“What is the matter with Kate?” There was never an easy answer to that question.
Our daughter Kate had her first tonic-clonic seizure unexpectedly in 1989, right around her first birthday. A cluster of seizures days after landed her in the hospital. An EEG and an MRI were normal. It was such good news. Kate’s seizures were considered “idiopathic,” meaning the cause was unknown. The doctor commented that seizures around one year of age were not entirely unusual and they might resolve on their own, but they did not.
Kate’s seizures increased in frequency and type. As new technologies became available, doctors explored new possibilities to look for a cause. At one point, her doctors said maybe she just had “Kate Dolan disease,” meaning a condition that was unique to her. It troubled Kate to be impacted by a condition that she could not be diagnosed with and therefore had no prognosis and no course of treatment.
Kate had multiple seizure types but was most impaired by myoclonic seizures that initially caused rhythmic flapping of both arms over her head and which later advanced to involving her legs leading to frequent falls. Her epileptologists said these were a rare seizure type and extremely hard to treat. She took multiple antiseizure medications and had a vagus nerve stimulator implant.
Even though Kate struggled with intractable epilepsy, low muscle tone, and some intellectual disability, she was friendly, positive, and hard-working. Kate beat great odds to become a college graduate. She had a job she loved as an after-school childcare assistant and lived independently.

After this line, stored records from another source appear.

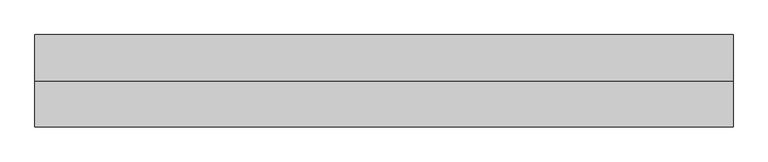
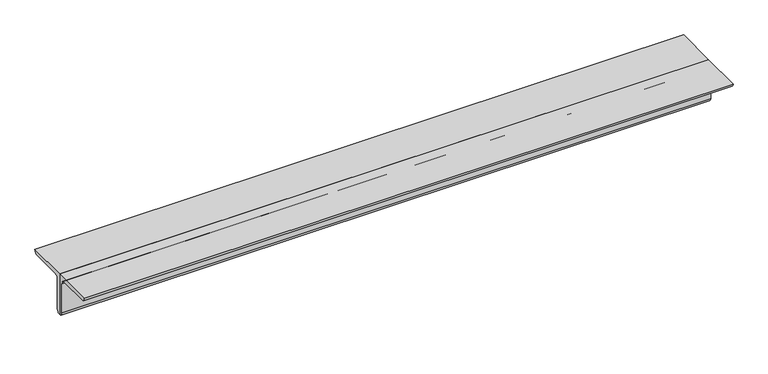
"""IFC4 building model written with IfcOpenShell, lengths in millimetres: member geometry, 0123_Steel Framing_2Ls-KSD3502 : H_SB_AR_S04_2Ls-130x130x12_VBR1."""

from ifc_helpers import new_model, si_unit, point, frame, frame_2d, origin, place, context, project, spatial, polyline, circle_curve, trimmed, segment, composite_curve, outline, extrude, source, transform, mapped, element, save


def member_0ae2001c(model_context):
    return source(origin(), model_context, "Body", "SweptSolid", [
        extrude(outline(composite_curve([segment(polyline([(0.0, 36.4), (130.0, 36.4)]), True, "CONTINUOUS"), segment(trimmed(circle_curve(frame_2d((118.0, 36.4)), 12.0), [point((130.0, 36.4))], [point((118.0, 24.4))], False, "CARTESIAN"), True, "CONTINUOUS"), segment(polyline([(118.0, 24.4), (24.0, 24.4)]), True, "CONTINUOUS"), segment(trimmed(circle_curve(frame_2d((24.0, 12.4)), 12.0), [point((24.0, 24.4))], [point((12.0, 12.4))], True, "CARTESIAN"), True, "CONTINUOUS"), segment(polyline([(12.0, 12.4), (12.0, -81.6)]), True, "CONTINUOUS"), segment(trimmed(circle_curve(frame_2d((0.0, -81.6)), 12.0), [point((12.0, -81.6))], [point((0.0, -93.6))], False, "CARTESIAN"), True, "CONTINUOUS"), segment(polyline([(0.0, -93.6), (0.0, 36.4)]), True, "CONTINUOUS")], self_intersect=False)), frame((-912.8215992, 0.0, 0.0), z_axis=(1.0, 0.0, 0.0), x_axis=(0.0, 1.0, 0.0)), (0.0, 0.0, 1.0), 1965.6424176),
        extrude(outline(composite_curve([segment(polyline([(0.0, 36.4), (0.0, -93.6)]), True, "CONTINUOUS"), segment(trimmed(circle_curve(frame_2d((0.0, -81.6)), 12.0), [point((0.0, -93.6))], [point((-12.0, -81.6))], False, "CARTESIAN"), True, "CONTINUOUS"), segment(polyline([(-12.0, -81.6), (-12.0, 12.4)]), True, "CONTINUOUS"), segment(trimmed(circle_curve(frame_2d((-24.0, 12.4)), 12.0), [point((-12.0, 12.4))], [point((-24.0, 24.4))], True, "CARTESIAN"), True, "CONTINUOUS"), segment(polyline([(-24.0, 24.4), (-118.0, 24.4)]), True, "CONTINUOUS"), segment(trimmed(circle_curve(frame_2d((-118.0, 36.4)), 12.0), [point((-118.0, 24.4))], [point((-130.0, 36.4))], False, "CARTESIAN"), True, "CONTINUOUS"), segment(polyline([(-130.0, 36.4), (0.0, 36.4)]), True, "CONTINUOUS")], self_intersect=False)), frame((-912.8215992, 0.0, 0.0), z_axis=(1.0, 0.0, 0.0), x_axis=(0.0, 1.0, 0.0)), (0.0, 0.0, 1.0), 1965.6424176),
    ])


if __name__ == "__main__":
    model = new_model("IFC4")
    model_context = context("Model", 3, world=origin())
    ifc_project = project(units=[si_unit("LENGTHUNIT", "METRE", prefix="MILLI")], contexts=[model_context])
    site = spatial("IfcSite", under=ifc_project)
    building = spatial("IfcBuilding", under=site)
    placement = place(None, origin())
    member_shape = member_0ae2001c(model_context)
    element("IfcMember", 1, ObjectType="0123_Steel Framing_2Ls-KSD3502 : H_SB_AR_S04_2Ls-130x130x12_VBR1", at=placement, inside=building, context=model_context, shape_type="MappedRepresentation", body=[
        mapped(member_shape, transform((0.0, 0.0, 0.0), x_axis=(1.0, 0.0, 0.0), y_axis=(0.0, 1.0, 0.0), z_axis=(0.0, 0.0, 1.0))),
    ])
    save(model, "model.ifc")

# Revit data of these elements
# Type "0123_Steel Framing_2Ls-KSD3502 : H_SB_AR_S04_2Ls-130x130x12_VBR1"
#   Assembly Code = "B10"
#   Legs = "SLBB"
#   W = 8.97
#   Perimeter = 1.04 m²/m
#   Nominal Weight = 46.80 kgf/m
#   Length [instance default] = 1000 mm
#   Space = 0 mm
#   b = 130 mm
#   d = 130 mm
#   t = 12 mm
#   y = 36.4 mm
#   A = 0.005952 m²
#   Structural Material [instance default] = Steel ASTM A36
# Element 1 (IfcMember, "0123_Steel Framing_2Ls-KSD3502 : H_SB_AR_S04_2Ls-130x130x12_VBR1")
#   Structural Material = Steel, 45-345
#   Materials on its faces: "Steel, 45-345"
# Materials
#   "Steel ASTM A36": class "Metal", colour RGB 199 199 199, transparency 0, Description = "Structural steel, ASTM A36 Grade B, mill finish", Cost = 0
#   "Steel, 45-345": class "Metal", colour RGB 189 187 185, transparency 0, Description = "Steel 345 MPa", Cost = 0

All this happened before the advent of genetic testing, but in 2014, her doctors ordered genetic screening panels. One for variants known to be associated with epilepsy and one for mitochondrial disorders. These again revealed no cause for Kate’s condition. By 2017, whole exome sequence (WES) analysis targeting the entire genome of DNA expressed in cells was widely available and affordable enough, so Kate supplied her blood for analysis.
This time the result pointed to what was wrong with Kate. She had a variant in a gene called CSNK2b but was categorized as “of unknown significance.” The testing company noted that other patients they had sampled with symptoms like Kate’s had defects in the same gene.
Kate died in 2019 of Sudden Unexpected Death in Epilepsy (SUDEP), so she never learned what was wrong with her. We were contacted by her genetic counselor in 2020 and notified that her CSNK2b variant is now considered pathogenic.
Kate had CSNK2b deficiency. It is also known as Poirier-Bienvenu neurodevelopmental syndrome (POBINDS), named after the researchers who first described the condition in 2017. As far as is known now, the disorder is de novo, meaning an affected person’s parents are not carriers. The gene variant arose spontaneously in Kate. Fewer than 100 cases are known globally but increased genetic testing of younger patients is revealing new cases.
Although Kate will not benefit from this knowledge, I have had the distinct privilege of connecting with an amazing group of parents of children with POBINDS from around the world via a CSNK2b Facebook group. I had a prevailing sad thought in my head after Kate died that no one would ever meet her again.
Now I have found a group eager to learn about Kate and her challenges and how she overcame them. We are collecting information to help develop plans of care to inform health care providers and families about this ultra-rare condition. Although a diagnosis does not yet bring definitive treatment options, data about this condition are building. Hopefully having a diagnosis will make it easier for those affected to receive educational support and to qualify for and keep government services and benefits.
I encourage patients and families of individuals dealing with epilepsy who have not been given a definitive diagnosis to ask their doctors about genetic testing. A definitive diagnosis can be as important to those many years into the journey as they are to those just starting out.